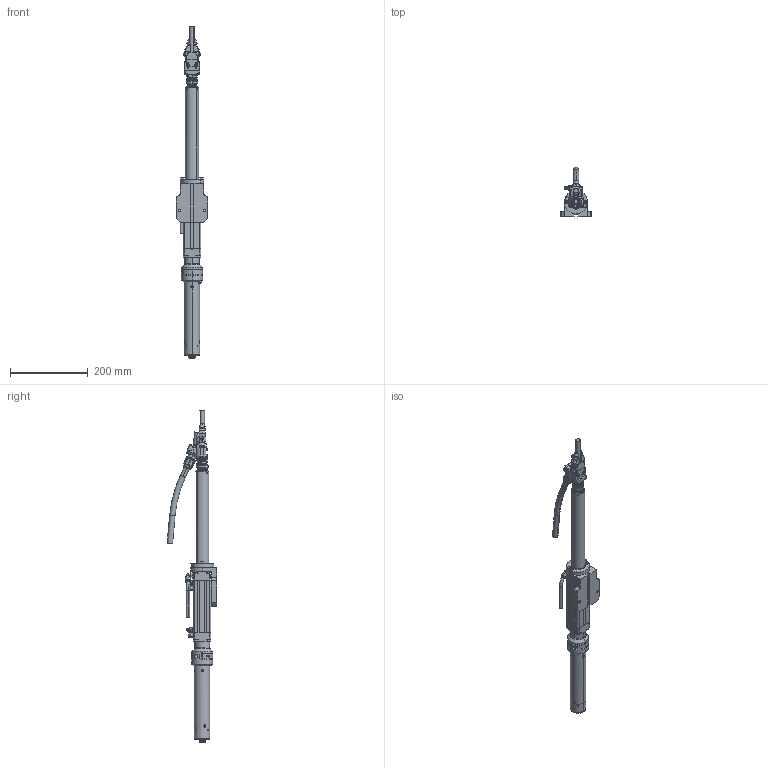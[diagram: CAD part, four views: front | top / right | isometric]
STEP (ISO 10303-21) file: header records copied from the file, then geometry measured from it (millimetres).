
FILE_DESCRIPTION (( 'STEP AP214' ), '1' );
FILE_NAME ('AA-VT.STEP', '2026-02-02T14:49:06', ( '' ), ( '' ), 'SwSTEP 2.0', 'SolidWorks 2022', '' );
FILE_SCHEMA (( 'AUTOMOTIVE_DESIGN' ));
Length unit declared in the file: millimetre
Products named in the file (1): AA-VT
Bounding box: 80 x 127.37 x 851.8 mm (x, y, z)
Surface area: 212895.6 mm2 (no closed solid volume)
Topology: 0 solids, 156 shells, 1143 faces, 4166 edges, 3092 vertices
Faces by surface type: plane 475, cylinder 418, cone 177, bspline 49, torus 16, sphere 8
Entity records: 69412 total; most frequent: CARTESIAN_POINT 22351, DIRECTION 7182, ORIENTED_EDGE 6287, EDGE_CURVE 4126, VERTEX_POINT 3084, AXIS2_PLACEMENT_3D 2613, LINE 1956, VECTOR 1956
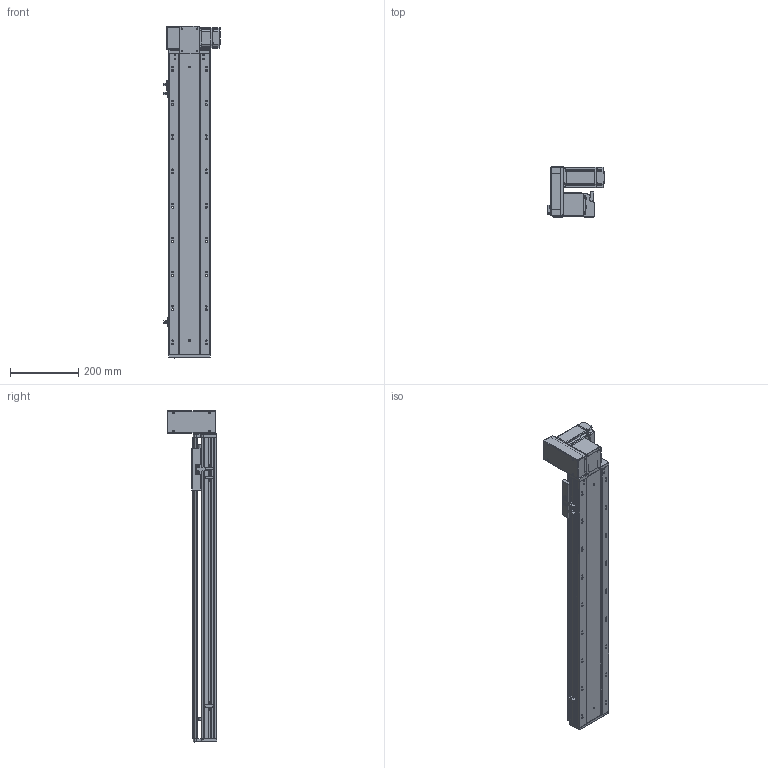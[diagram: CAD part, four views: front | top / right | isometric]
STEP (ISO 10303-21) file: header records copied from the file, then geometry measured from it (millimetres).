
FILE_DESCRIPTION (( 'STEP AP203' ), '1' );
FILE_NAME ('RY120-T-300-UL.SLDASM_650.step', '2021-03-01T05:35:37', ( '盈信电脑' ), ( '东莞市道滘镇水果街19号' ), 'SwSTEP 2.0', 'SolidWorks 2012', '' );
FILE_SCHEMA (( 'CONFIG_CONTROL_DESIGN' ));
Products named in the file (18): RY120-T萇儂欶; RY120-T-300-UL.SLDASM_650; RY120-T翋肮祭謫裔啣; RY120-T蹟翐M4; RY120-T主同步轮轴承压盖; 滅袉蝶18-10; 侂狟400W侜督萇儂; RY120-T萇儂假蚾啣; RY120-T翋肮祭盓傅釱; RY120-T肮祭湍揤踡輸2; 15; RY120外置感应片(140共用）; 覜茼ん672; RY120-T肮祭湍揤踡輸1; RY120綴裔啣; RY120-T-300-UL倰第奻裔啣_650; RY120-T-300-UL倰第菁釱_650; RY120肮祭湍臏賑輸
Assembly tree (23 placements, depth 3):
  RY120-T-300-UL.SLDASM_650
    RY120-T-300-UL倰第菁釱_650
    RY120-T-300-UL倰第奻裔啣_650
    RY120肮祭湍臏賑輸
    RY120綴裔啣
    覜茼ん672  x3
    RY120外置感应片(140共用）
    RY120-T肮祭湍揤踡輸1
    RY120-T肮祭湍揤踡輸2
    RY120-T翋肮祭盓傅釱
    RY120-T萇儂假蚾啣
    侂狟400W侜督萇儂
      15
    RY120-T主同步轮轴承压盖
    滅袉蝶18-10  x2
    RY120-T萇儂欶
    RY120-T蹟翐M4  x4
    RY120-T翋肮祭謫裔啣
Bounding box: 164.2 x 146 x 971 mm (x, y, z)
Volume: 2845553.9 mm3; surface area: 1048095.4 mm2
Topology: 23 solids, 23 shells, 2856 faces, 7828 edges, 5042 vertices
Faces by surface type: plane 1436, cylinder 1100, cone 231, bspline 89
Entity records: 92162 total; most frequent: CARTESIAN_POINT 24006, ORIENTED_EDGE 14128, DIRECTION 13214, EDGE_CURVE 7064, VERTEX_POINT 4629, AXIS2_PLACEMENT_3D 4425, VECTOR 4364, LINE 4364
■ ■ ■ ■ ■ ■ ■
» TASK INSTRUCTIONS: Give the records a second time exactly, keeping the images out.

» ANSWER FOR THIS EXERCISE:
[diagram: CAD part, four views: front | top / right | isometric]
STEP (ISO 10303-21) file: header records copied from the file, then geometry measured from it (millimetres).
FILE_DESCRIPTION (( 'STEP AP214' ), '1' );
FILE_NAME ('AA-VT.STEP', '2026-02-02T14:49:06', ( '' ), ( '' ), 'SwSTEP 2.0', 'SolidWorks 2022', '' );
FILE_SCHEMA (( 'AUTOMOTIVE_DESIGN' ));
Length unit declared in the file: millimetre
Products named in the file (1): AA-VT
Bounding box: 80 x 127.37 x 851.8 mm (x, y, z)
Surface area: 212895.6 mm2 (no closed solid volume)
Topology: 0 solids, 156 shells, 1143 faces, 4166 edges, 3092 vertices
Faces by surface type: plane 475, cylinder 418, cone 177, bspline 49, torus 16, sphere 8
Entity records: 69412 total; most frequent: CARTESIAN_POINT 22351, DIRECTION 7182, ORIENTED_EDGE 6287, EDGE_CURVE 4126, VERTEX_POINT 3084, AXIS2_PLACEMENT_3D 2613, LINE 1956, VECTOR 1956
[diagram: CAD part, four views: front | top / right | isometric]
STEP (ISO 10303-21) file: header records copied from the file, then geometry measured from it (millimetres).
FILE_DESCRIPTION (( 'STEP AP203' ), '1' );
FILE_NAME ('RY120-T-300-UL.SLDASM_650.step', '2021-03-01T05:35:37', ( '盈信电脑' ), ( '东莞市道滘镇水果街19号' ), 'SwSTEP 2.0', 'SolidWorks 2012', '' );
FILE_SCHEMA (( 'CONFIG_CONTROL_DESIGN' ));
Products named in the file (18): RY120-T萇儂欶; RY120-T-300-UL.SLDASM_650; RY120-T翋肮祭謫裔啣; RY120-T蹟翐M4; RY120-T主同步轮轴承压盖; 滅袉蝶18-10; 侂狟400W侜督萇儂; RY120-T萇儂假蚾啣; RY120-T翋肮祭盓傅釱; RY120-T肮祭湍揤踡輸2; 15; RY120外置感应片(140共用）; 覜茼ん672; RY120-T肮祭湍揤踡輸1; RY120綴裔啣; RY120-T-300-UL倰第奻裔啣_650; RY120-T-300-UL倰第菁釱_650; RY120肮祭湍臏賑輸
Assembly tree (23 placements, depth 3):
  RY120-T-300-UL.SLDASM_650
    RY120-T-300-UL倰第菁釱_650
    RY120-T-300-UL倰第奻裔啣_650
    RY120肮祭湍臏賑輸
    RY120綴裔啣
    覜茼ん672  x3
    RY120外置感应片(140共用）
    RY120-T肮祭湍揤踡輸1
    RY120-T肮祭湍揤踡輸2
    RY120-T翋肮祭盓傅釱
    RY120-T萇儂假蚾啣
    侂狟400W侜督萇儂
      15
    RY120-T主同步轮轴承压盖
    滅袉蝶18-10  x2
    RY120-T萇儂欶
    RY120-T蹟翐M4  x4
    RY120-T翋肮祭謫裔啣
Bounding box: 164.2 x 146 x 971 mm (x, y, z)
Volume: 2845553.9 mm3; surface area: 1048095.4 mm2
Topology: 23 solids, 23 shells, 2856 faces, 7828 edges, 5042 vertices
Faces by surface type: plane 1436, cylinder 1100, cone 231, bspline 89
Entity records: 92162 total; most frequent: CARTESIAN_POINT 24006, ORIENTED_EDGE 14128, DIRECTION 13214, EDGE_CURVE 7064, VERTEX_POINT 4629, AXIS2_PLACEMENT_3D 4425, VECTOR 4364, LINE 4364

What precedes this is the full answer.